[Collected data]
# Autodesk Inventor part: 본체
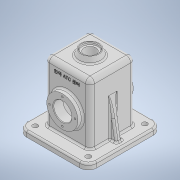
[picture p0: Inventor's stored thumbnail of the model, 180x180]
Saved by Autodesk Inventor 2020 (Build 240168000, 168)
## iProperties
Created: 2022-11
Part Number: 본체
Material: 일반
Document SubType Name: Modeling
Designer: USER
Density: 1 g/cm^3
Appearance: 기본값
Author: USER
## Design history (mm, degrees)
sketch "스케치1"
  geometry: L1 (62, -65)-(-62, -65); L2 (-62, -65)-(-62, 65); L3 (-62, 65)-(62, 65); L4 (62, 65)-(62, -65); L5 (62, -65)-(-62, 65); L6 (-62, -65)-(62, 65); 1 further point
  constraints: 12 end point, 2 midpoint, 2 parallel, 1 horizontal, 1 perpendicular
  dimensions: "d0" = 124 distance of L2.end L3.end; "d1" = 130 distance of L1.end L2.end
extrude "돌출1" new body sketch "스케치1" distance "d2" = 10; taper "d3" = 0 deg
fillet "모깎기1" dims "d4" = 15
sketch "스케치2"
  geometry: L1 (-40, 40)-(40, 40); L2 (40, 40)-(40, -40); L3 (40, -40)-(-40, -40); L4 (-40, -40)-(-40, 40); L5 (-40, 40)-(40, -40); L6 (40, 40)-(-40, -40); 1 further point
  constraints: 12 end point, 2 midpoint, 2 parallel, 1 horizontal, 1 perpendicular
  dimensions: "d5" = 80 distance of L2.end L3.end; "d6" = 80 distance of L1.end L2.end
extrude "돌출2" join sketch "스케치2" distance "d7" = 107; taper "d8" = 0 deg
sketch "스케치6"
  geometry: L1 (80, 0)-(0, 0) reference; L2 (40, 0)-(40, 45); C1 r 27.5 at (40, 45); 1 further point
  constraints: 2 end point, 1 centre point, 1 coincident, 1 midpoint, 1 vertical
  dimensions: "d18" = 45 distance of L2.start L2.end; "d19" = 55 diameter of C1
extrude "돌출6" join sketch "스케치6" distance "d20" = 9; taper "d21" = 0 deg
sketch "스케치7"
  geometry: 1 further point
sketch "스케치8"
  geometry: C1 r 27.5 at (0, 0) reference; C2 r 16 at (0, 0); 1 further point
  constraints: 1 centre point, 1 coincident
  dimensions: "d25" = 32 diameter of C2
extrude "돌출7" cut sketch "스케치8" extent not by distance; stored distance "d26" = 0; taper "d27" = 0 deg
chamfer "모따기2" distance "d28" = 1; stored, may be unused: second distance "d29" = 2, angle "d30" = 45 deg
sketch "스케치9"
  geometry: L1 (117, 40)-(117, -40) reference; L2 (117, 0)-(117, -20); L3 (117, -20)-(127, -16.36); L4 (117, -20)-(136.148, -20); L5 (117, 0)-(127, 0); L6 (127, 0)-(127, -16.36); L7 (117, -40)-(117, 40); L8 (117, 0)-(117, 20); L9 (117, 20)-(127, 16.36); L10 (127, 0)-(127, 16.36); 4 further points
  constraints: 18 end point, 5 symmetric about line, 2 horizontal, 2 point on line, 1 midpoint, 1 perpendicular
revolve "회전1" sketch "스케치9" stored, may be unused: angle "d34" = 90 deg
fillet "모깎기2" dims "d35" = 3
sketch "스케치10"
  geometry: C1 r 14 at (0, 0); 1 further point
  constraints: 1 centre point, 1 coincident
  dimensions: "d36" = 28 diameter of C1
extrude "돌출8" cut sketch "스케치10" distance "d37" = 4; taper "d38" = 0 deg
chamfer "모따기3" distance "d39" = 1; stored, may be unused: second distance "d40" = 2, angle "d41" = 45 deg
sketch "스케치11"
  geometry: C1 r 10.5 at (0, 0); 1 further point
  constraints: 1 centre point, 1 coincident
  dimensions: "d42" = 21 diameter of C1
extrude "돌출9" cut sketch "스케치11" distance "d43" = 32.5; taper "d44" = 0 deg
sketch "스케치12"
  geometry: L1 (32, 32)-(-32, 32); L2 (-32, 32)-(-32, -32); L3 (-32, -32)-(32, -32); L4 (32, -32)-(32, 32); L5 (32, 32)-(-32, -32); L6 (-32, 32)-(32, -32); 1 further point
  constraints: 12 end point, 2 midpoint, 2 parallel, 1 horizontal, 1 perpendicular
  dimensions: "d45" = 64 distance of L3.end L2.end; "d46" = 64 distance of L2.end L1.end
extrude "돌출10" cut sketch "스케치12" distance "d47" = 109; taper "d48" = 0 deg
sketch "스케치13" dims "d49" = 45
  geometry: L1 (0, 0)-(0, 22.5); C1 r 27.5 at (0, 0) reference; C2 r 16 at (0, 0) reference; 2 further points
  constraints: 2 end point, 1 coincident, 1 vertical, 1 vertical alignment, 2 other
hole "구멍1" sketch "스케치13" at (0, 22.5) diameter "d50" = 3.242; stored, may be unused: countersink angle "d54" = 82 deg, drill point angle "d56" = 118 deg; dims "d51" = 8, "d52" = 3.023, "d53" = 2, "d55" = 10
sketch "스케치14"
  geometry: C1 r 4.5 at (-47, 50); A1 r 15 centre (-47, 50) between (-47, 65) and (-62, 50) reference; 1 further point
  constraints: 1 centre point, 1 coincident
  dimensions: "d60" = 9 diameter of C1
extrude "돌출11" cut sketch "스케치14" extent not by distance; stored distance "d61" = 0; taper "d62" = 0 deg
sketch "스케치15"
  geometry: L1 (-62, 10)-(-47, 10); L2 (-62, 10)-(-62, 0); L3 (-62, 10)-(-52, 10); L4 (-52, 10)-(-44.415, 53.017); L5 (-44.415, 53.017)-(-40, 78.055); L6 (-40, 10)-(-40, 117); L7 (-47, 10)-(-40, 10); L8 (-42.5, 0)-(-51.5, 0) reference; 1 further point
  constraints: 14 end point, 2 point on line, 1 parallel
extrude "돌출12" join sketch "스케치15" stored distance "d65" = 10; taper "d66" = 0 deg
fillet "모깎기3" dims "d67" = 3
sketch "스케치16"
  geometry: L1 (47, 10)-(62, 10) reference; L2 (40, 10)-(40, 117) reference; L3 (47, 10)-(62, 10) reference; L4 (62, 10)-(52, 10); L5 (52, 10)-(37.717, 91.001); L6 (52, 10)-(134.251, 10); L7 (47, 10)-(40, 10); 3 further points
  constraints: 8 end point, 2 horizontal, 1 equal length, 1 point on line
  dimensions: "d68" = 10 distance of L1.end L4.end; "d69" = 100 deg angle of L6 L5
extrude "돌출13" join sketch "스케치16" stored distance "d70" = 10; taper "d71" = 0 deg
fillet "모깎기4" dims "d72" = 3
fillet "모깎기5" dims "d73" = 8
fillet "모깎기6" dims "d74" = 8
fillet "모깎기7" dims "d75" = 3
fillet "모깎기8" dims "d76" = 3
fillet "모깎기9" dims "d77" = 3
sketch "스케치17"
  geometry: L1 (8.314, -4)-(54.433, -4); L2 (54.433, -4)-(54.433, -10.004); L3 (54.433, -10.004)-(8.314, -10.004); L4 (8.314, -10.004)-(8.314, -4); L5 (72, -96)-(72, 0) reference; L6 (48.36, 18)-(15.64, 18) reference; 2 further points
  constraints: 2 other
  dimensions: "d80" = 40 distance from line of L5 point (32, -7); "d81" = 25 distance from line of L6 point (32, -7); "d82" = 3 distance from line of L1 point (32, -7); "d83" = 6.00407 distance between parallel lines of L3 L1; "d84" = 23.68594 distance from line of L4 point (32, -7); "d85" = 46.1194 distance between parallel lines of L2 L4
feature "엠보싱1" sketch "스케치17" dims "d86" = 0.5, "d87" = 0
node "솔리드1"
mirror "미러1"
pattern_circular "원형 패턴1" dims angle "d58" = 360 deg
mirror "미러2"
mirror "미러3"
mirror "미러4"
node "투영된 루프1"
feature "A9D066F2-1C7D-4E18-AEED-F7BC21143FA4" dims "d50" = 3.242, "d51" = 8, "d52" = 3.023, "d53" = 2, "d54" = 82 deg, "d55" = 10, "d56" = 118 deg

WHAT YOU WILL DO » Take the line above containing "of L2.end L1.end", the line containing "geometry: L1 (0, 0)-(0, 22.5);", and all lines in between, and copy them exactly without anything else.

YOUR RESPONSE »
  dimensions: "d45" = 64 distance of L3.end L2.end; "d46" = 64 distance of L2.end L1.end
extrude "돌출10" cut sketch "스케치12" distance "d47" = 109; taper "d48" = 0 deg
sketch "스케치13" dims "d49" = 45
  geometry: L1 (0, 0)-(0, 22.5); C1 r 27.5 at (0, 0) reference; C2 r 16 at (0, 0) reference; 2 further points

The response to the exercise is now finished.